TO DO: For this exercise, output the line holding "STEP (ISO 10303-21)" and all subsequent lines of the entries below, unchanged, up to and including the last.

DATA EXCERPTS:
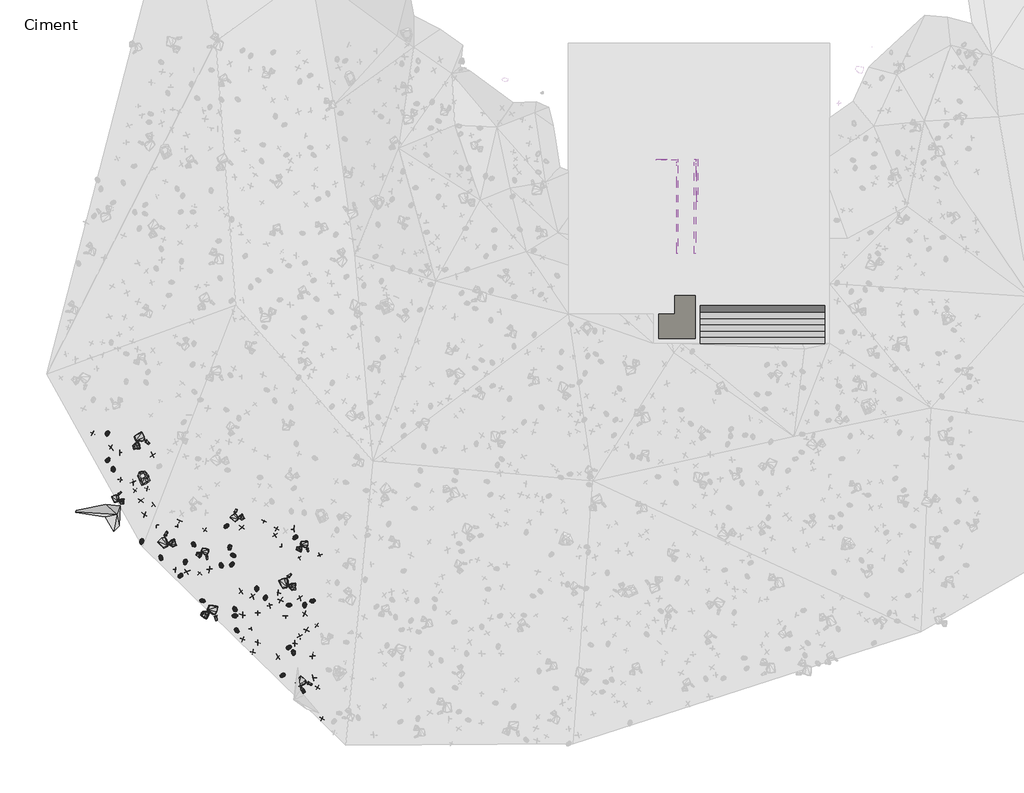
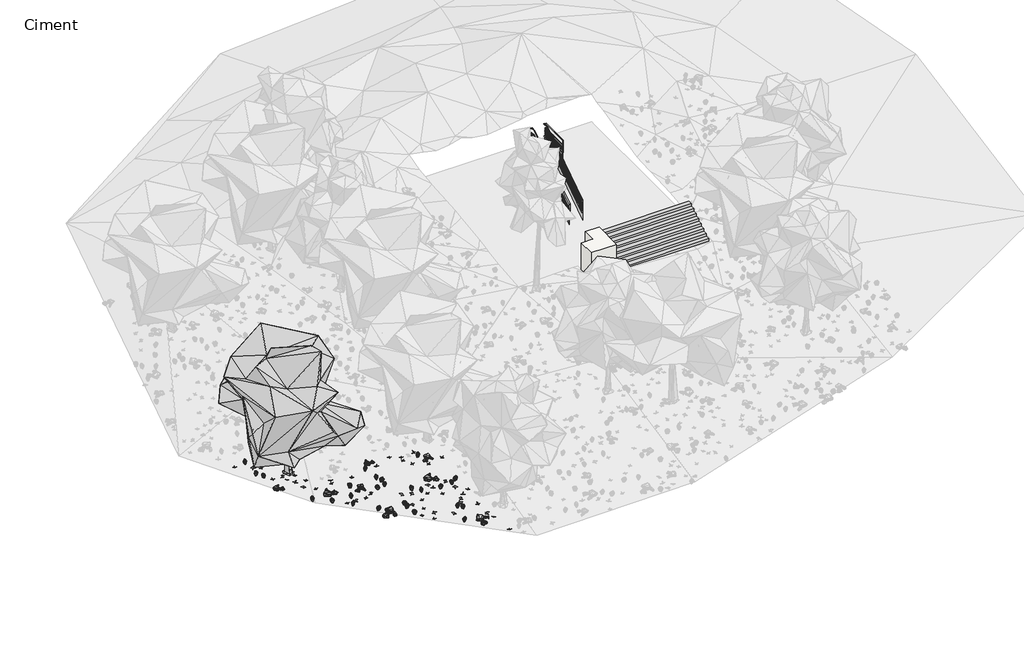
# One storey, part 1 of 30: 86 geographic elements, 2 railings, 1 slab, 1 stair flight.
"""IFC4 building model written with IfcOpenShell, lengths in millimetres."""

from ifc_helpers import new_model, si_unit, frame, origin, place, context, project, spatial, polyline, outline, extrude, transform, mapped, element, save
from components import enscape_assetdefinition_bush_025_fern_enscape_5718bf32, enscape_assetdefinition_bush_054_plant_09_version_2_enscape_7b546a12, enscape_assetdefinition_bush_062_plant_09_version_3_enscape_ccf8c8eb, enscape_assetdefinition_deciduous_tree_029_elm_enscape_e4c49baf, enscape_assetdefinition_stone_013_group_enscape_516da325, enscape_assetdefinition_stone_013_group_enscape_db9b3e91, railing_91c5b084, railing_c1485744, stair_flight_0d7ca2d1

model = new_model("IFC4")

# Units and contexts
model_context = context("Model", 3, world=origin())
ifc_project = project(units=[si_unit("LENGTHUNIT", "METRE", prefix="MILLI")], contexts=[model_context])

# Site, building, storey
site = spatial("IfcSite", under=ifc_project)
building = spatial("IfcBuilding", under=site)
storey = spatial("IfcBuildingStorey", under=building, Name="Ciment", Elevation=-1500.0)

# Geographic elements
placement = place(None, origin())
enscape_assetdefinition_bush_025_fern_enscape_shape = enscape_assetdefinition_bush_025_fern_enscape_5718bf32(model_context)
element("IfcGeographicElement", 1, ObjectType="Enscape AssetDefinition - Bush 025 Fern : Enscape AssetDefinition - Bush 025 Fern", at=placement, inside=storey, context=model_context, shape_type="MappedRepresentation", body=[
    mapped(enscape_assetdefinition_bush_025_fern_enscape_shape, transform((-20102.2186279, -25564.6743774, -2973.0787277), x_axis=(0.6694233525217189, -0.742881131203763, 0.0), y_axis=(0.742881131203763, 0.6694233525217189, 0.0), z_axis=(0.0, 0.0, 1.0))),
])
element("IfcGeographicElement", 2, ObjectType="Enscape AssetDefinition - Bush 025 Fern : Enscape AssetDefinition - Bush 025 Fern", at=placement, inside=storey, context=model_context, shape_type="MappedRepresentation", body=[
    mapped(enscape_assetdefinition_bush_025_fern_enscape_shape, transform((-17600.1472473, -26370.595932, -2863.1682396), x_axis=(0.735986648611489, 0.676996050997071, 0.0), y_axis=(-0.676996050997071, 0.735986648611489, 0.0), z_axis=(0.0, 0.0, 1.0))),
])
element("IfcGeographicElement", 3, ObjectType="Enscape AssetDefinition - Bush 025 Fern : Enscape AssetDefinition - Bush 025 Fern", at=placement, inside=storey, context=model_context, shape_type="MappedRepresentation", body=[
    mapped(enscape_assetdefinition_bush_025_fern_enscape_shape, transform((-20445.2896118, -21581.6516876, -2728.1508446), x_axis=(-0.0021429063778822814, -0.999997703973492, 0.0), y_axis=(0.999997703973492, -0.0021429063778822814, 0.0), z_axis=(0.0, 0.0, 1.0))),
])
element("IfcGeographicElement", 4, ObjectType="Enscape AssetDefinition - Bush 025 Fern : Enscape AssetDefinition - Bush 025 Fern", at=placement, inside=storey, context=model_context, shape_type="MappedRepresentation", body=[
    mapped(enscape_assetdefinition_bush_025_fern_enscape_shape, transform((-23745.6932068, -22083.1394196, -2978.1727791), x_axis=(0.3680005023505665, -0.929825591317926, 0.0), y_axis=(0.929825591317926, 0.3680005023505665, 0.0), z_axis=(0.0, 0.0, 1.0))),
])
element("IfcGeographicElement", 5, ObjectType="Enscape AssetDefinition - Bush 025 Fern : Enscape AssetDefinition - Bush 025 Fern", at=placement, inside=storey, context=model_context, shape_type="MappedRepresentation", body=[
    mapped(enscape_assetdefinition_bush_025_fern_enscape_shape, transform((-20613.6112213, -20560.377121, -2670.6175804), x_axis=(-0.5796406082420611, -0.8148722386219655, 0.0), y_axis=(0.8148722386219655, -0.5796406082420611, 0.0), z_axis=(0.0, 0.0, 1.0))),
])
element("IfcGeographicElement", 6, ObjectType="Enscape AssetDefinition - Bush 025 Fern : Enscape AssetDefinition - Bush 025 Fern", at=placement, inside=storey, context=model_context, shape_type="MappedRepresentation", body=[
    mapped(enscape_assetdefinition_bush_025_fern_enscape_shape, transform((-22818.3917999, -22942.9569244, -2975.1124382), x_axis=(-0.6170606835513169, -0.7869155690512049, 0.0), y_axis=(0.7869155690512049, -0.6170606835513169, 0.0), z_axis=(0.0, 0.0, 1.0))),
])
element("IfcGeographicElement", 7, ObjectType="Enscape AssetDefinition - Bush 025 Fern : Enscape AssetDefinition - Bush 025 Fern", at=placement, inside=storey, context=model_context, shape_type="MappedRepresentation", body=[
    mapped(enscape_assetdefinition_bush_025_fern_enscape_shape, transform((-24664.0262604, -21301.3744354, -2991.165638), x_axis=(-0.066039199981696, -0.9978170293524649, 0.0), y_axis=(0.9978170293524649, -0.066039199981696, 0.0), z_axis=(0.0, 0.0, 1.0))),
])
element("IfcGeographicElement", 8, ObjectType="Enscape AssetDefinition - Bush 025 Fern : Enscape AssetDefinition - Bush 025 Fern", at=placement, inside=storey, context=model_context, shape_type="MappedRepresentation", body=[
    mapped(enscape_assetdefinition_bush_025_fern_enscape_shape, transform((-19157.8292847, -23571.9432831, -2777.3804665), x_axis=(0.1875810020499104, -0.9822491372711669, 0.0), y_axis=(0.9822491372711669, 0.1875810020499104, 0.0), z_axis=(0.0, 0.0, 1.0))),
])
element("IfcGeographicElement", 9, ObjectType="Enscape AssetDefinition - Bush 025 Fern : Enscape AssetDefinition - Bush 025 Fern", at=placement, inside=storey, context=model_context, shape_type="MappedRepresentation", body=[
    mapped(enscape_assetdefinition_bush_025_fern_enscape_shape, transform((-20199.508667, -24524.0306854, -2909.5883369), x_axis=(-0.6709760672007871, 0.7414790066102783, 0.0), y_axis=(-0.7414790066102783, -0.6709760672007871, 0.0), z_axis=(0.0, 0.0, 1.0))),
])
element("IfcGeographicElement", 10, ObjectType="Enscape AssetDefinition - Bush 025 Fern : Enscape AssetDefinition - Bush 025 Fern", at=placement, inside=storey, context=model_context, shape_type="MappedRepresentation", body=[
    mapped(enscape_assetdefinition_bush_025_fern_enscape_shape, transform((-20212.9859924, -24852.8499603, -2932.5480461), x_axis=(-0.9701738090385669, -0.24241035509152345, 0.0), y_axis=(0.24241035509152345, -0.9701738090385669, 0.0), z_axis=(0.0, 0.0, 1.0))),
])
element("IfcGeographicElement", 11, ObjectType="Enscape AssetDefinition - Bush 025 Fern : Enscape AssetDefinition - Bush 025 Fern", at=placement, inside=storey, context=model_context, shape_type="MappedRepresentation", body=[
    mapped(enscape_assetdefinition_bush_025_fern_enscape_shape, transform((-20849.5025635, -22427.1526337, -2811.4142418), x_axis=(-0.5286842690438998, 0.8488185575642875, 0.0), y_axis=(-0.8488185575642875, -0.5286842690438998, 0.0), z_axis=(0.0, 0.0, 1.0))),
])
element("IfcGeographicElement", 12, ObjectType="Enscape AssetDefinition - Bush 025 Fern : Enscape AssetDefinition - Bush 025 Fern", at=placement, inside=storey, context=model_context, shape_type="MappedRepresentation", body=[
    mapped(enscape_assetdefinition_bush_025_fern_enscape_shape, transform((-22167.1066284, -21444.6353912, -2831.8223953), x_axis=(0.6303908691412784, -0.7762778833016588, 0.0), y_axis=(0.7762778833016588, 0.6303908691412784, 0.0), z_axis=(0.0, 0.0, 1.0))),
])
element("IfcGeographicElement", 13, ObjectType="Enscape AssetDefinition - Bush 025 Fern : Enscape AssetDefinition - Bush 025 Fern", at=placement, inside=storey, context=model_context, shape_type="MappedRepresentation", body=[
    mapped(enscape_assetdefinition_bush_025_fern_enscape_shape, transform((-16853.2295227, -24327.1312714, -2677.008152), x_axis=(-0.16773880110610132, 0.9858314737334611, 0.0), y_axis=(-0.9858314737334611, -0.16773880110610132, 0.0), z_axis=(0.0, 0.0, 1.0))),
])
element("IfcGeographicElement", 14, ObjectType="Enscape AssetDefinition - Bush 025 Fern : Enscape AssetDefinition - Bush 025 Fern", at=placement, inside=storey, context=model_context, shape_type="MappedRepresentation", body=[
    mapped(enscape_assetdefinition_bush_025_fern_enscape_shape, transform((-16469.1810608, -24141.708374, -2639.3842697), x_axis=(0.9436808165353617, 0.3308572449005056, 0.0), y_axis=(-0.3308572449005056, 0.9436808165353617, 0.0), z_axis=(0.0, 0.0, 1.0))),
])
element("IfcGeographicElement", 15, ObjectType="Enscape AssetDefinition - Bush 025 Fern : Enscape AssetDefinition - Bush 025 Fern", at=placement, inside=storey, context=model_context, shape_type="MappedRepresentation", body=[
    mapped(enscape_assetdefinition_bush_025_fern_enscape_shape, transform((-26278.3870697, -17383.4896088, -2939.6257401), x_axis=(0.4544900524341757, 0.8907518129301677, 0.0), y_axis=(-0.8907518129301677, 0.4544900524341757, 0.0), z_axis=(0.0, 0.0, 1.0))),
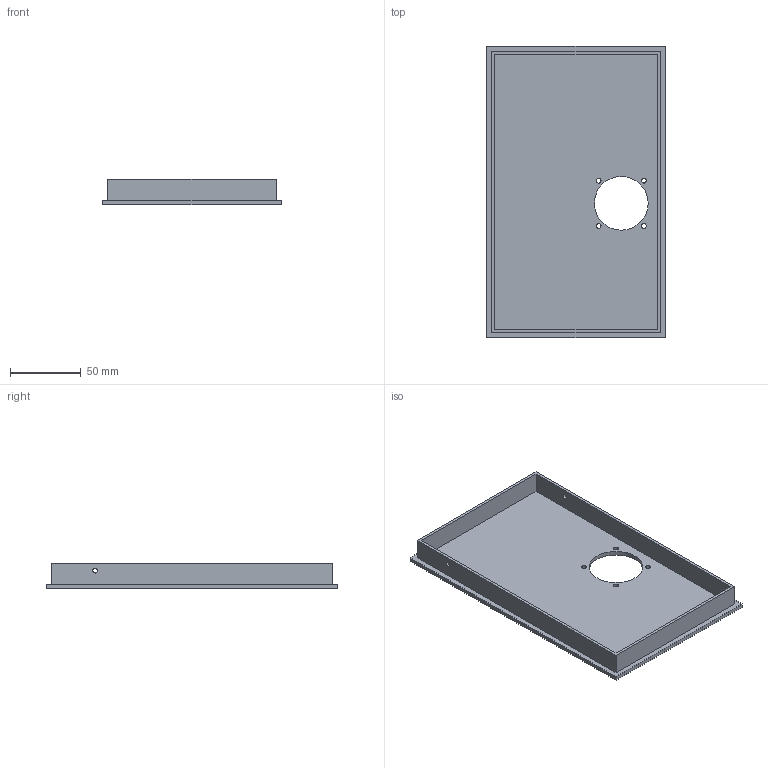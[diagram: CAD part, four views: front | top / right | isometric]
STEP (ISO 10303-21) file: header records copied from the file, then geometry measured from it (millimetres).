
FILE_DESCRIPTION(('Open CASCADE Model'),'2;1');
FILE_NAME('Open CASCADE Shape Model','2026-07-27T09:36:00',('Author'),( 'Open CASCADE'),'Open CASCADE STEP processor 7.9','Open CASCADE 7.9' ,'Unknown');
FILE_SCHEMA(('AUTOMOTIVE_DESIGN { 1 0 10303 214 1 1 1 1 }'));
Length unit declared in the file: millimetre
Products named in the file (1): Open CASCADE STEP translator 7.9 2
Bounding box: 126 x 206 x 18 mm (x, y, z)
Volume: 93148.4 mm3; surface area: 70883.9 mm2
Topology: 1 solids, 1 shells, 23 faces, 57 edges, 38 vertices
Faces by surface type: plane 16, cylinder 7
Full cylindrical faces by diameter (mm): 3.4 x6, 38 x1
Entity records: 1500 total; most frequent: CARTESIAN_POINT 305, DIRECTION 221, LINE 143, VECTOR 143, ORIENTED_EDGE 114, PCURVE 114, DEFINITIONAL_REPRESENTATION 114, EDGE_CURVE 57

RESPONSE TO THIS TASK:
STEP (ISO 10303-21) file: header records copied from the file, then geometry measured from it (millimetres).
FILE_DESCRIPTION(('Open CASCADE Model'),'2;1');
FILE_NAME('Open CASCADE Shape Model','2026-07-27T09:36:00',('Author'),( 'Open CASCADE'),'Open CASCADE STEP processor 7.9','Open CASCADE 7.9' ,'Unknown');
FILE_SCHEMA(('AUTOMOTIVE_DESIGN { 1 0 10303 214 1 1 1 1 }'));
Length unit declared in the file: millimetre
Products named in the file (1): Open CASCADE STEP translator 7.9 2
Bounding box: 126 x 206 x 18 mm (x, y, z)
Volume: 93148.4 mm3; surface area: 70883.9 mm2
Topology: 1 solids, 1 shells, 23 faces, 57 edges, 38 vertices
Faces by surface type: plane 16, cylinder 7
Full cylindrical faces by diameter (mm): 3.4 x6, 38 x1
Entity records: 1500 total; most frequent: CARTESIAN_POINT 305, DIRECTION 221, LINE 143, VECTOR 143, ORIENTED_EDGE 114, PCURVE 114, DEFINITIONAL_REPRESENTATION 114, EDGE_CURVE 57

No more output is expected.